Idealerweise haben Sie sich mit der DDoS-Problematik schon vorgängig auseinandergesetzt und eine gewisse DDoS-Abwehrbereitschaft erreicht.

• Sie kennen Ihre Infrastruktur und deren Schwächen. Welche Dienste sind so wichtig, dass deren Ausfall weitreichende Auswirkungen auf Ihre Organisation haben könnte. Versuchen Sie dabei auch an Basis Systeme zu denken, ohne die Ihre kritischen Geschäftsanwendungen nicht funktionieren.
• Sie kennen den "Normalzustand" Ihrer Netze und Systeme und erkennen Anomalien (IDS (Intrusion Detection Systeme), zentralisierte Logauswertung). Eine DDoS- Attacke sollte entdeckt werden, bevor Ihre Kunden sie bemerken können.
• Überwachen Sie die Verfügbarkeit Ihrer Kundenanwendungen auch aus der Sicht Ihrer Kunden, das heisst vom Internet her
• Ihre Systeme sind gehärtet (keine unnötigen Dienste, strikte Rechtevergabe, starke Authentisierung, usw.) und auf aktuellem Patch-Level.
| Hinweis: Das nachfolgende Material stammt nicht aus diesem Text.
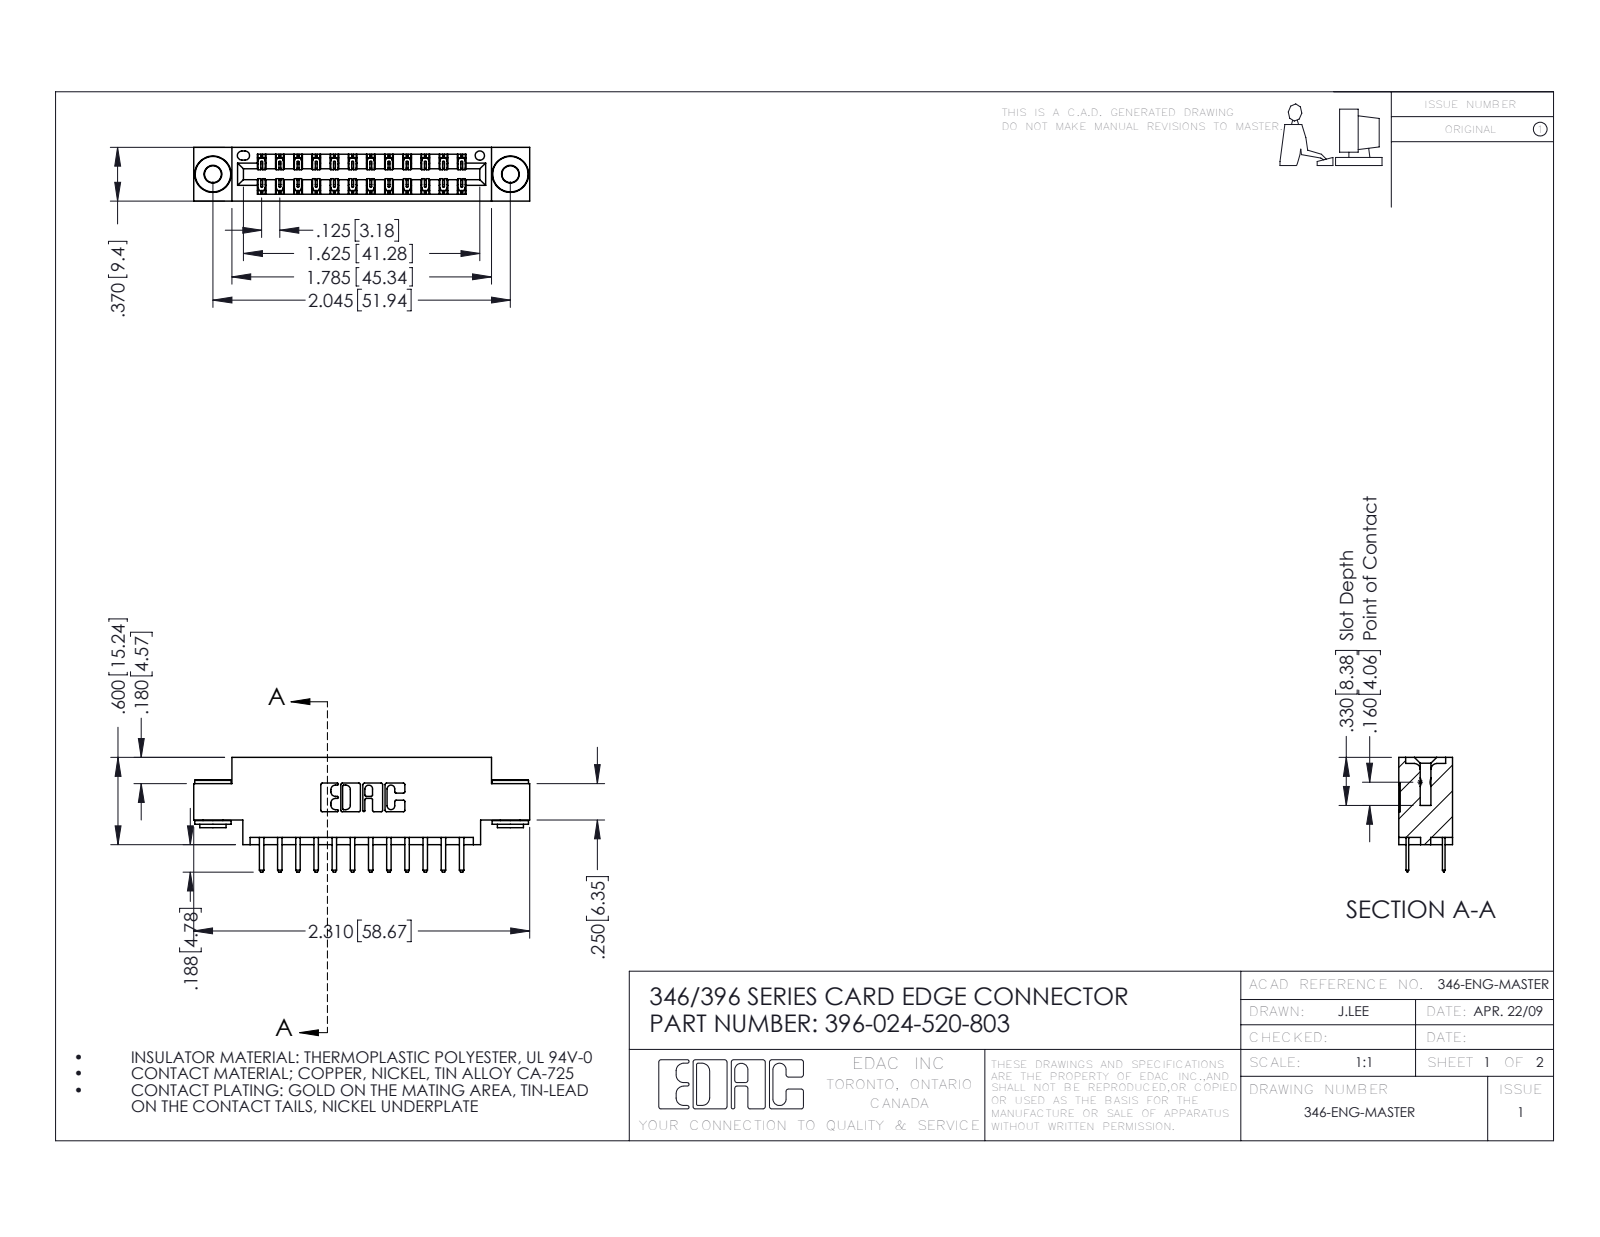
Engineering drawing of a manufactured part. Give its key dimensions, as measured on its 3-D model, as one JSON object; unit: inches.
{"part_name": "345-250-002_345-250-002-102; 345-292-001_345-293-120; 346 Part_0.170 Offset - 0.156 Dia-TH; 396-024-520-803", "step_written_by": "SolidWorks 2016 (CONFIG_CONTROL_DESIGN)", "units": "inches", "bodies": {"solids": 27, "faces": 1508, "planar": 978, "cylindrical": 522, "other": 8}, "overall_size": [2.31, 0.788, 0.37], "volume_in3": 0.326, "surface_area_in2": 11.22, "round_holes": [[0.116, 2], [0.156, 2], [0.064, 1]], "round_bosses_or_shafts": [[0.25, 2], [0.18, 2], [0.136, 2]], "partial_cylinders_radius": [[0.006, 36], [0.01, 28], [0.01, 22], [0.007, 6], [0.031, 6], [0.026, 3], [0.014, 2], [0.022, 2]], "face_to_face_distances": [0.25, 0.37, 0.048, 0.322, 0.025, 0.275, 0.148, 0.222, 0.1, 0.174], "hole_center_spacings": [0.246, 1.839, 2.045]}
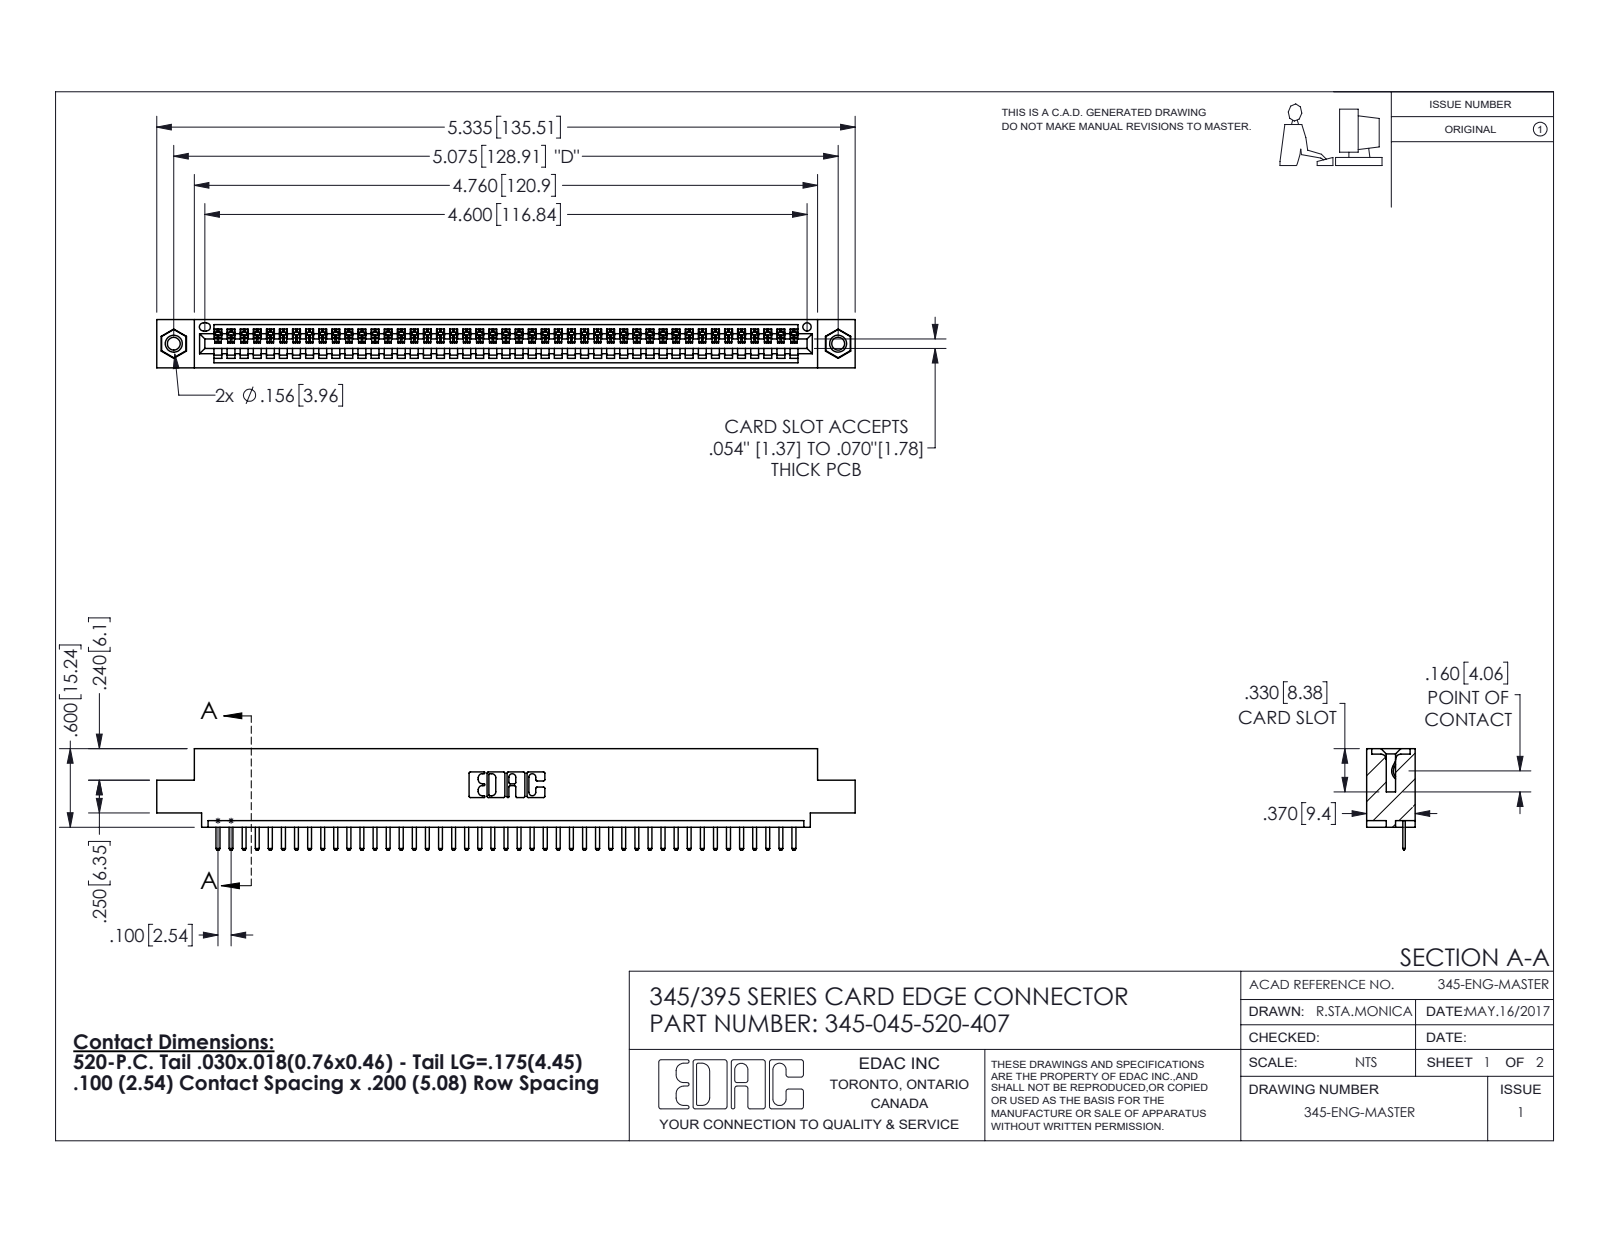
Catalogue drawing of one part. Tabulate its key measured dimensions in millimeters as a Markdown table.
| quantity | value |
| --- | --- |
| part name | 345-045-520-407; 345-250-001_345-250-005-103; 345-292-001_345-293-120; 345 Part_0.110 Offset - 0.156 Dia-TI |
| STEP written by | SolidWorks 2016 (CONFIG_CONTROL_DESIGN) |
| units | millimeters |
| bodies | 48 solids, 2980 faces (2006 planar, 958 cylindrical, 16 other) |
| overall size | 135.5 × 19.7 × 9.4 |
| volume | 12 700 mm³ |
| surface area | 16 580 mm² |
| round holes (diameter × count) | 2.5 × 2, 3.2 × 2, 4 × 2, 1.6 × 1 |
| round bosses / shafts (diameter × count) | 3.9 × 2 |
| partial cylindrical surfaces (radius × count) | 0.3 × 92, 0.2 × 90, 0.3 × 22, 0.2 × 6, 0.8 × 6, 0.7 × 3, 0.8 × 2, 1 × 2 |
| main face-to-face distances | 1.8, 7.6, 9.4, 5.1, 2.5, 6.9, 0.6, 5.7, 1.8, 3.8 |
| hole center spacings | 6.9, 122.9, 128.9 |

SYN-Cookies sind aktiviert etc.
• Eine vorgelagerte Firewall lässt nur benötige Protokolle zum System durch. Die Firewall verfügt über genügend Systemressourcen, um auch im Falle eines DDoS funktionsfähig zu bleiben. Dabei ist ein grosses Augenmerk auf die Connection Table sowie auf eine gute Regelverwaltung zu legen, damit sie im Notfall zusätzlich viele Blockierungsregeln implementieren können.
• Prüfen Sie die Möglichkeiten eines GeoIP Blockings. Wenn Ihre Kunden vorwiegend aus der Schweiz und dem nahen Ausland stammen, können Sie ein Profil vordefinieren, welches IP Adressen aus diesem Raum entweder Priorität einräumt oder andere IP Adressen blockiert. Im Angriffsfall können Sie dieses Profil aktivieren und gewinnen so sehr schnell an Handlungsoptionen und zusätzlichem Schutz.
• Eine Web-Application Firewall minimiert die Angriffsfläche auf webbasierte Dienste.
• Systeme, die potentiell Opfer einer DDoS Attacke werden könnten (z.B. Webauftritt), sollten an einem anderen Internet-Uplink hängen als die übrigen Systeme der Organisation. Die betroffenen Systeme können so einfacher unter den Schutzschild eines DDoS-Mitigation-Providers gestellt werden, ohne dabei die restlichen Systeme zu tangieren, die für das Tagesgeschäft nötig sind.
• Stellen Sie Ausweichlösungen bereit, z.B. eine statische Website mit minimalen Informationen, welche bei einem anderen Provider bereit steht und die Sie mit einer einfachen Änderung im DNS aktivieren können.
• Achten Sie generell darauf, eine gute Balance in den TTLs der DNS Server zu haben, so dass Sie genügend schnell eine Domänenauflösung umstellen können.
• Sie haben eine Strategie für den Fall einer DDoS Attacke. Die zuständigen Personen kennen das Vorgehen sowie die internen und externen Kontakte (Service Provider, Polizeistellen etc.)
• Im Fall der Fälle können sie auf interne oder vertraglich zugesicherte externe Ressourcen zugreifen (insbesondere Personal und Infrastruktur).
• Sie haben den Fall einer DDoS Attacke mit Ihren internen Stellen und den externen Partnern besprochen und auch geübt. Jeder kennt seine Rolle und Ansprechpartner!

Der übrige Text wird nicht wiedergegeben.